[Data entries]
++++
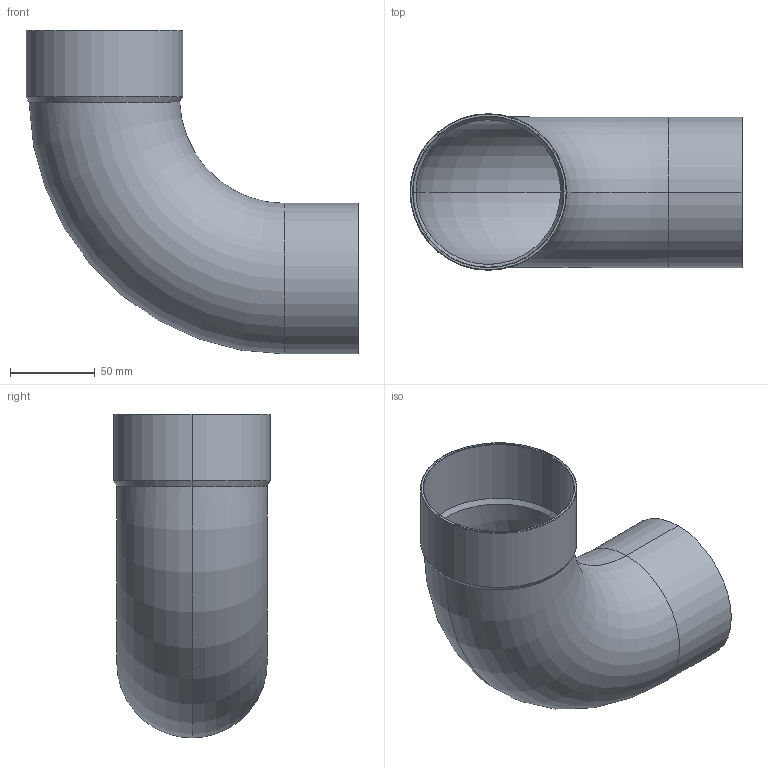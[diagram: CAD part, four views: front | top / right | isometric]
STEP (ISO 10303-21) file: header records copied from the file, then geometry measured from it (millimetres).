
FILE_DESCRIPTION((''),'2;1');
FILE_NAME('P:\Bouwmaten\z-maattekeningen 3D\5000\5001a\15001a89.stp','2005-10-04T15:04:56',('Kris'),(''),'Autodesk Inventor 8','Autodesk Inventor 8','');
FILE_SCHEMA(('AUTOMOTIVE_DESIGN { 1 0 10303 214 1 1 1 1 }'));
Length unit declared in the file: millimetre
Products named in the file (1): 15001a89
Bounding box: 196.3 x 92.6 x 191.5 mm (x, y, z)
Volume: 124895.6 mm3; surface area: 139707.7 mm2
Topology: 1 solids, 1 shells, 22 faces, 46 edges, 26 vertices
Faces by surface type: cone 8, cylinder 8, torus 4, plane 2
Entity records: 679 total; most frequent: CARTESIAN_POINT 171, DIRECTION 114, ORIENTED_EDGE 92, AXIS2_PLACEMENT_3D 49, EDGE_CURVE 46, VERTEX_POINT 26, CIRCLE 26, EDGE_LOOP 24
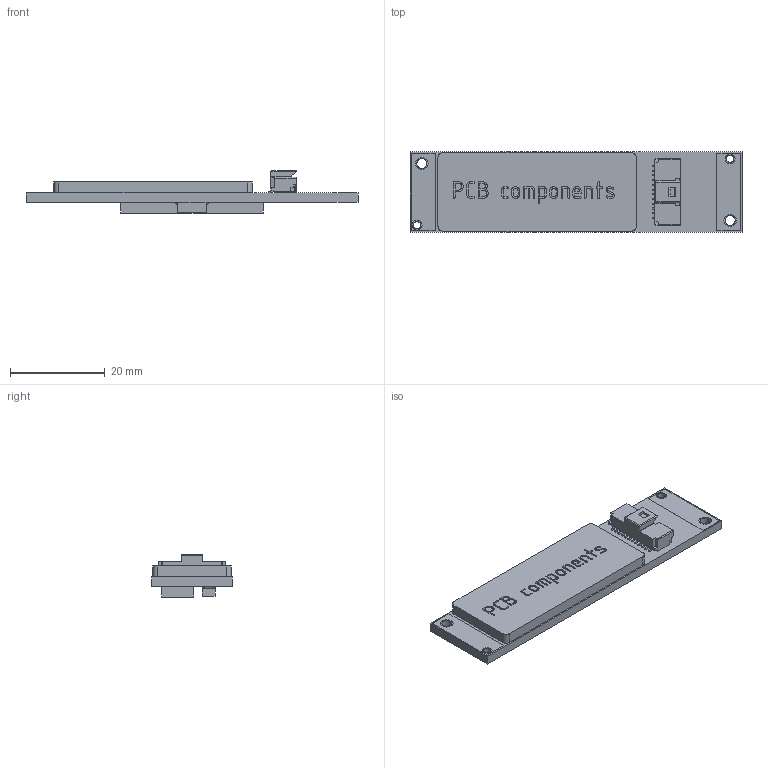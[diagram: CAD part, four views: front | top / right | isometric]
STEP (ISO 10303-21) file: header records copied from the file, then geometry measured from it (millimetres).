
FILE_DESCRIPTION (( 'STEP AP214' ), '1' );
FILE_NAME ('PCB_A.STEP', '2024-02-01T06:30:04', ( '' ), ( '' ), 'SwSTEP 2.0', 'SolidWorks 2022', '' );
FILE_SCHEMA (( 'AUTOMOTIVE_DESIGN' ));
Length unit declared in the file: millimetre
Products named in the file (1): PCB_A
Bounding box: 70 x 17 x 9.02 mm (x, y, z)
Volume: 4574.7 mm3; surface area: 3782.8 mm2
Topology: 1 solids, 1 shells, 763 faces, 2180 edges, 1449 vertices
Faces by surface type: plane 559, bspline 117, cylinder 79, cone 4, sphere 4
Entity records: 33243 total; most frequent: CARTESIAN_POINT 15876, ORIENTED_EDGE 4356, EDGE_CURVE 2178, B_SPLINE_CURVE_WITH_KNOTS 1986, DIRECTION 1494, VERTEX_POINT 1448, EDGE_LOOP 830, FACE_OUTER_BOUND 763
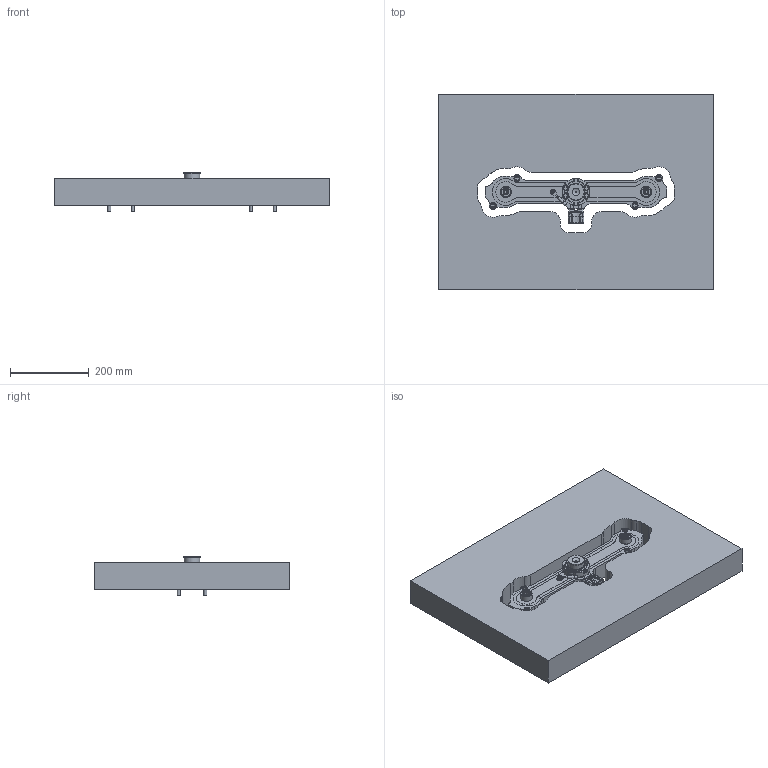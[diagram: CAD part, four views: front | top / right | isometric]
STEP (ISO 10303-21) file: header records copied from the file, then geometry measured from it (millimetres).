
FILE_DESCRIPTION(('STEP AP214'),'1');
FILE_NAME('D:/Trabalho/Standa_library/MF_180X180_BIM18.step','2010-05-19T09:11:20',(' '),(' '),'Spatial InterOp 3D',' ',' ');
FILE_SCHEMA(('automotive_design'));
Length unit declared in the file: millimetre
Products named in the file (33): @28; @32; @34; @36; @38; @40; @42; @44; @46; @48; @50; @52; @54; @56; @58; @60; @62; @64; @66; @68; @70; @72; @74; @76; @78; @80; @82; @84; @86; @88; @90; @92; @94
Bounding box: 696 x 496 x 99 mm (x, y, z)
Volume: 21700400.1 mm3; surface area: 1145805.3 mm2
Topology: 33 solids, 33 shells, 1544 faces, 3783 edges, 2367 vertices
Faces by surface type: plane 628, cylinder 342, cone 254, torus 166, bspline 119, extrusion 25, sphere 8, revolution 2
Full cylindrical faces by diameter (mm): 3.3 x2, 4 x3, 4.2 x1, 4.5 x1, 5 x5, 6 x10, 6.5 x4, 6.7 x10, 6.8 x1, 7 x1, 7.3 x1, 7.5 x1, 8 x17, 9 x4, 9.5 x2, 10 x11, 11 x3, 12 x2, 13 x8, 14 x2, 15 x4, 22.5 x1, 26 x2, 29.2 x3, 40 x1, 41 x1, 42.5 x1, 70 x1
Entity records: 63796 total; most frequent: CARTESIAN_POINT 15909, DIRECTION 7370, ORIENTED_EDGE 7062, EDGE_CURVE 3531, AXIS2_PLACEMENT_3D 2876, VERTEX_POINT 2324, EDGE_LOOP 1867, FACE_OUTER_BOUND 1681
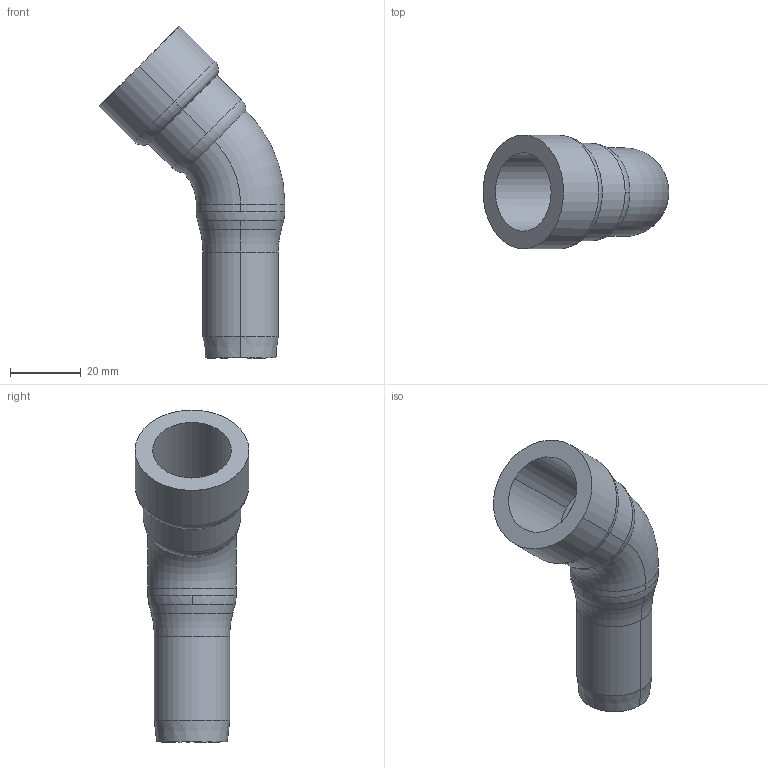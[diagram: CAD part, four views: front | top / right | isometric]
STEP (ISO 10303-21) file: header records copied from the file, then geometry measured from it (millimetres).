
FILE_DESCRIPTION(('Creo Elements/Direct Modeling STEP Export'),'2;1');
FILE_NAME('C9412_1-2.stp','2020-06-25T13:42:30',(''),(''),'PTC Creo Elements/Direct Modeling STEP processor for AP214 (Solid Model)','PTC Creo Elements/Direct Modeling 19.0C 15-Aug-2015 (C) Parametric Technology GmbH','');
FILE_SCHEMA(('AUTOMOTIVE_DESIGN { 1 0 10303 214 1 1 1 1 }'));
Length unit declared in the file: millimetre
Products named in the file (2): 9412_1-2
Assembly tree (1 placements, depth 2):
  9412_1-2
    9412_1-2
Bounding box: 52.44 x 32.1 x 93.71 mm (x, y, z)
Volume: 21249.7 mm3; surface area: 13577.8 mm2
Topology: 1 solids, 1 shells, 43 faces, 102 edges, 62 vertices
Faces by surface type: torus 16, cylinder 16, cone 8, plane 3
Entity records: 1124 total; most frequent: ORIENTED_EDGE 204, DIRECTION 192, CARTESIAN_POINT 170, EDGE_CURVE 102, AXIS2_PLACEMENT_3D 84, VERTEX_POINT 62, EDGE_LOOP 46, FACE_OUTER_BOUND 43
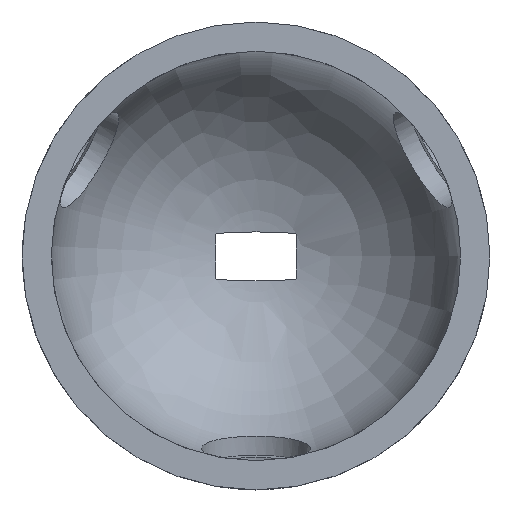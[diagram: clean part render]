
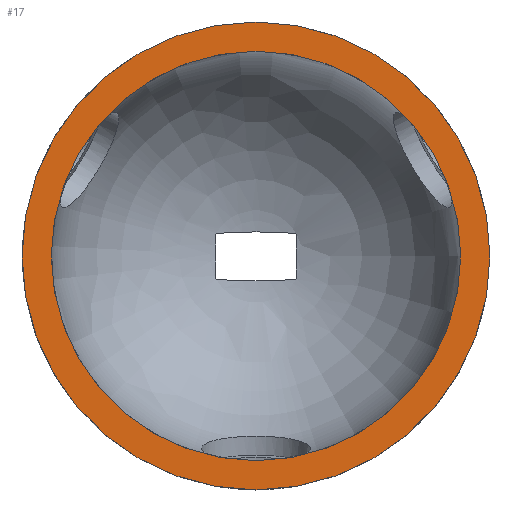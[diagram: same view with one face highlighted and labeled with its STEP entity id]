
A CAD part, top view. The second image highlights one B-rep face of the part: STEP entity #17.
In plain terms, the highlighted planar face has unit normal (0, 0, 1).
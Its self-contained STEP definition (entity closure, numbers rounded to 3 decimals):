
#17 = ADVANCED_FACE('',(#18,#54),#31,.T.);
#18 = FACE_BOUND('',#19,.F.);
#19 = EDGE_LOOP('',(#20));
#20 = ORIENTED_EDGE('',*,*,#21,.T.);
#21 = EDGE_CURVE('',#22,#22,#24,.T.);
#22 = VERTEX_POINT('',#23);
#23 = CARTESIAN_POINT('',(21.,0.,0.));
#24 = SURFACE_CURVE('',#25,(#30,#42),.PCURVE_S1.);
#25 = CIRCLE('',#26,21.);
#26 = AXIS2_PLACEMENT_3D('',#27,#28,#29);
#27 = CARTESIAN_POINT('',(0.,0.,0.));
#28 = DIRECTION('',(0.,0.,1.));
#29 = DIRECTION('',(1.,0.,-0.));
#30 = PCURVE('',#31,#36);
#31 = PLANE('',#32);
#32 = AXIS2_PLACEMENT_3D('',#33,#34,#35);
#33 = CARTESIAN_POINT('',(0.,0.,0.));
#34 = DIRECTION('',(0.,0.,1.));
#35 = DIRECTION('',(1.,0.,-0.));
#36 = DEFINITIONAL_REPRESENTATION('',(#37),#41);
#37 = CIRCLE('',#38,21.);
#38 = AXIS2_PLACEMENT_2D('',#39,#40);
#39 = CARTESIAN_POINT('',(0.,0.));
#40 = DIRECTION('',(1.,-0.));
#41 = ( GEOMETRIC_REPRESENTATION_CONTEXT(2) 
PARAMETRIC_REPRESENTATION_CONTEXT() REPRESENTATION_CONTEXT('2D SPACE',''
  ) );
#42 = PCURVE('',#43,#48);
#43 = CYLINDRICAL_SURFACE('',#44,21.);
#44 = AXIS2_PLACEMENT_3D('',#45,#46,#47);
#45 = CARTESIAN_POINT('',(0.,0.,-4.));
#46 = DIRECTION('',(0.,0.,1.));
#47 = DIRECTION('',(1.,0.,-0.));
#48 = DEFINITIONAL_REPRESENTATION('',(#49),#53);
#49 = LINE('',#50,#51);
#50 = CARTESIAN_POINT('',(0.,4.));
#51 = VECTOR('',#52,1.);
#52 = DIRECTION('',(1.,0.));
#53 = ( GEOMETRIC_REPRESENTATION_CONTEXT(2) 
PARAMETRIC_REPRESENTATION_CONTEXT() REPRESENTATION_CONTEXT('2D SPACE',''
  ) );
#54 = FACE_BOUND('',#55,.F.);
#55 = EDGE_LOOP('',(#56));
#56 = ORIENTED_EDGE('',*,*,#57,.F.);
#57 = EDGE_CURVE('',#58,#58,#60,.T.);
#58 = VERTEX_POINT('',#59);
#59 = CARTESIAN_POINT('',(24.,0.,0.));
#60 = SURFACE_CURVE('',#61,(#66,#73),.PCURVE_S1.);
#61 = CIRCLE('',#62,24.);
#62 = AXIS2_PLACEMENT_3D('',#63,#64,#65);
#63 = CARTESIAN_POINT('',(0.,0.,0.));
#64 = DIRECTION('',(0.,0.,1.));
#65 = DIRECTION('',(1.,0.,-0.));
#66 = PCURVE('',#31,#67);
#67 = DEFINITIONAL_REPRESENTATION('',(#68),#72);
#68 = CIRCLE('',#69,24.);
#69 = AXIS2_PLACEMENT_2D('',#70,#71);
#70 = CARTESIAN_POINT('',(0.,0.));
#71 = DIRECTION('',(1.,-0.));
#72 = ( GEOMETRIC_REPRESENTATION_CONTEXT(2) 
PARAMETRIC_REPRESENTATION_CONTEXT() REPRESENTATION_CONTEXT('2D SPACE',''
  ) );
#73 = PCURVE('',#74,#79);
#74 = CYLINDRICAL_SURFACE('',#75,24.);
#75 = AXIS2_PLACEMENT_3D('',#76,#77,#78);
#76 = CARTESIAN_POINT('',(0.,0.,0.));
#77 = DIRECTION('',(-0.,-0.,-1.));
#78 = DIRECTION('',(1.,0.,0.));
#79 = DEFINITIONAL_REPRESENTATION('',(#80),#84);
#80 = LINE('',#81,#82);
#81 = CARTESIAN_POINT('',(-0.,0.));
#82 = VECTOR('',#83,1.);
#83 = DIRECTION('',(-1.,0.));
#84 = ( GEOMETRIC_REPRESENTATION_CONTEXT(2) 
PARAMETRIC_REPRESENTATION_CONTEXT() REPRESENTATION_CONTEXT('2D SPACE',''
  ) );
++++
Find all lines holding the word "edges" in the records above and copy them.

Topology: 1 solids, 1 shells, 22 faces, 46 edges, 26 vertices
Topology: 1 solids, 1 shells, 763 faces, 2180 edges, 1449 vertices
Topology: 33 solids, 33 shells, 1544 faces, 3783 edges, 2367 vertices
Topology: 1 solids, 1 shells, 43 faces, 102 edges, 62 vertices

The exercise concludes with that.